To El Som’s point: Delaware has the third-lowest number of state legislators, but it’s only 11th in legislators per capita. For example, North Dakota has 200,000 fewer residents than Delaware – but it has 47 state senators and 94 representatives, and they’re paid almost as much as Delaware’s are.
Hawkeye has a point, too. If you look at it from a performance standpoint, we can’t find worthy candidates to fill the number of elective offices that exist in this state. As a result we elect a lot of dead wood, most obvious in the number of retired cops and volunteer firehall officials.
The problem with trying to address that by shrinking the number of elective offices: There’s no guarantee it’s the dead wood that would get pruned.
It’s what happens when you pick a successor out of the legislative staffers…
What? Madinah Wilson-Anton was a legislative staffer. She’s one of our best. Pretty sure David Bentz was as well. Again, top-notch.

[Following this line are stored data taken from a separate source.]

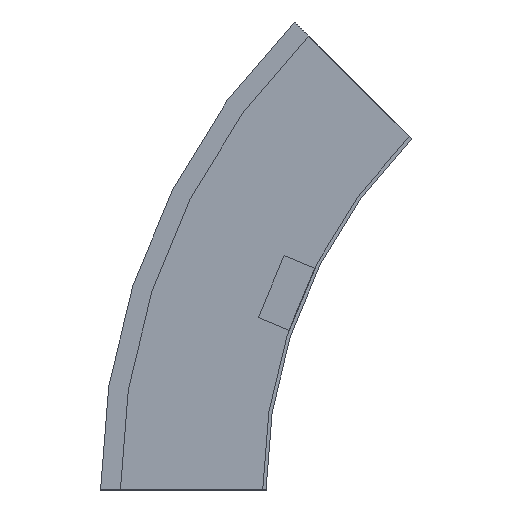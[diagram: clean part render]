
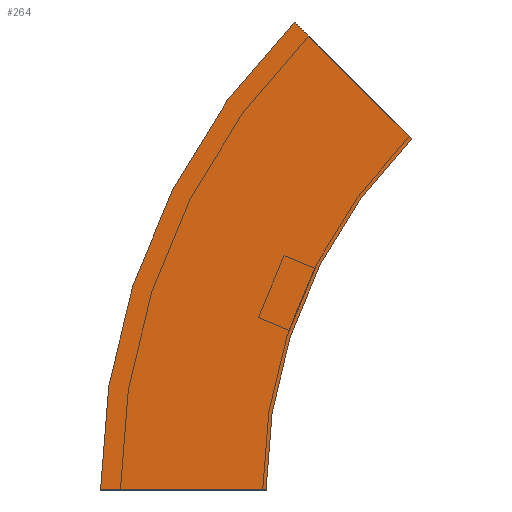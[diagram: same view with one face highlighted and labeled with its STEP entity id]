
A CAD part, left-side view. The second image highlights one B-rep face of the part: STEP entity #264.
In plain terms, the highlighted planar face has unit normal (-1, 0, 0) as drawn and (1, 0, 0) by its records, which use the part's own axes.
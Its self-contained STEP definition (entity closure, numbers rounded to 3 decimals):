
#35 = CARTESIAN_POINT ( 'NONE',  ( 0., -300., 0. ) ) ;
#50 = CARTESIAN_POINT ( 'NONE',  ( 0., 100., 0. ) ) ;
#58 = CARTESIAN_POINT ( 'NONE',  ( 0., -87.868, 212.132 ) ) ;
#80 = LINE ( 'NONE', #266, #206 ) ;
#86 = DIRECTION ( 'NONE',  ( 1., 0., 0. ) ) ;
#103 = EDGE_CURVE ( 'NONE', #260, #204, #80, .T. ) ;
#115 = EDGE_LOOP ( 'NONE', ( #235, #182, #349, #242 ) ) ;
#120 = CARTESIAN_POINT ( 'NONE',  ( 0., -87.868, 212.132 ) ) ;
#162 = VERTEX_POINT ( 'NONE', #207 ) ;
#168 = EDGE_CURVE ( 'NONE', #260, #269, #378, .T. ) ;
#170 = AXIS2_PLACEMENT_3D ( 'NONE', #328, #510, #505 ) ;
#182 = ORIENTED_EDGE ( 'NONE', *, *, #514, .F. ) ;
#204 = VERTEX_POINT ( 'NONE', #50 ) ;
#206 = VECTOR ( 'NONE', #425, 1000. ) ;
#207 = CARTESIAN_POINT ( 'NONE',  ( 0., -17.157, 282.843 ) ) ;
#235 = ORIENTED_EDGE ( 'NONE', *, *, #319, .T. ) ;
#236 = AXIS2_PLACEMENT_3D ( 'NONE', #35, #86, #278 ) ;
#242 = ORIENTED_EDGE ( 'NONE', *, *, #103, .T. ) ;
#260 = VERTEX_POINT ( 'NONE', #282 ) ;
#264 = ADVANCED_FACE ( 'NONE', ( #548 ), #553, .T. ) ;
#266 = CARTESIAN_POINT ( 'NONE',  ( 0., 0., 0. ) ) ;
#269 = VERTEX_POINT ( 'NONE', #58 ) ;
#278 = DIRECTION ( 'NONE',  ( 0., 1., 0. ) ) ;
#282 = CARTESIAN_POINT ( 'NONE',  ( 0., 0., 0. ) ) ;
#294 = DIRECTION ( 'NONE',  ( 0., 0.707, 0.707 ) ) ;
#319 = EDGE_CURVE ( 'NONE', #204, #162, #422, .T. ) ;
#328 = CARTESIAN_POINT ( 'NONE',  ( 0., 0., 0. ) ) ;
#349 = ORIENTED_EDGE ( 'NONE', *, *, #168, .F. ) ;
#353 = DIRECTION ( 'NONE',  ( 0., 1., 0. ) ) ;
#378 = CIRCLE ( 'NONE', #522, 300. ) ;
#389 = CARTESIAN_POINT ( 'NONE',  ( 0., -300., 0. ) ) ;
#422 = CIRCLE ( 'NONE', #236, 400. ) ;
#425 = DIRECTION ( 'NONE',  ( 0., 1., 0. ) ) ;
#429 = DIRECTION ( 'NONE',  ( 1., 0., 0. ) ) ;
#467 = VECTOR ( 'NONE', #294, 1000. ) ;
#505 = DIRECTION ( 'NONE',  ( 0., 0., -1. ) ) ;
#510 = DIRECTION ( 'NONE',  ( 1., 0., 0. ) ) ;
#514 = EDGE_CURVE ( 'NONE', #269, #162, #517, .T. ) ;
#517 = LINE ( 'NONE', #120, #467 ) ;
#522 = AXIS2_PLACEMENT_3D ( 'NONE', #389, #429, #353 ) ;
#548 = FACE_OUTER_BOUND ( 'NONE', #115, .T. ) ;
#553 = PLANE ( 'NONE',  #170 ) ;

So what’s your point? Sean is a teacher, not a former legislative staffer.
One staffer who I’d like to see run for a seat in the legislature is Kyle Schwab. Solid dude, good progressive.
Dennis E didn’t pick Sean Matthews and Sean wasn’t even his staffer. Sean didn’t even serve as a staffer in the legislature. Bentz was Barbieri’s staffer, but he turned out to be a good legislator.
Correct. Sean defeated Williams in a primary, then skunked him in a rematch two years later.
Sean worked on Dennis Williams’ campaign. He was not a legislative staffer. Som good people have come from the legislative staffs. Medinah, Benz, if I recall Eugene Young was a staffer. Mostly the House side has had the diaper dandies, as Dick Vitale would say.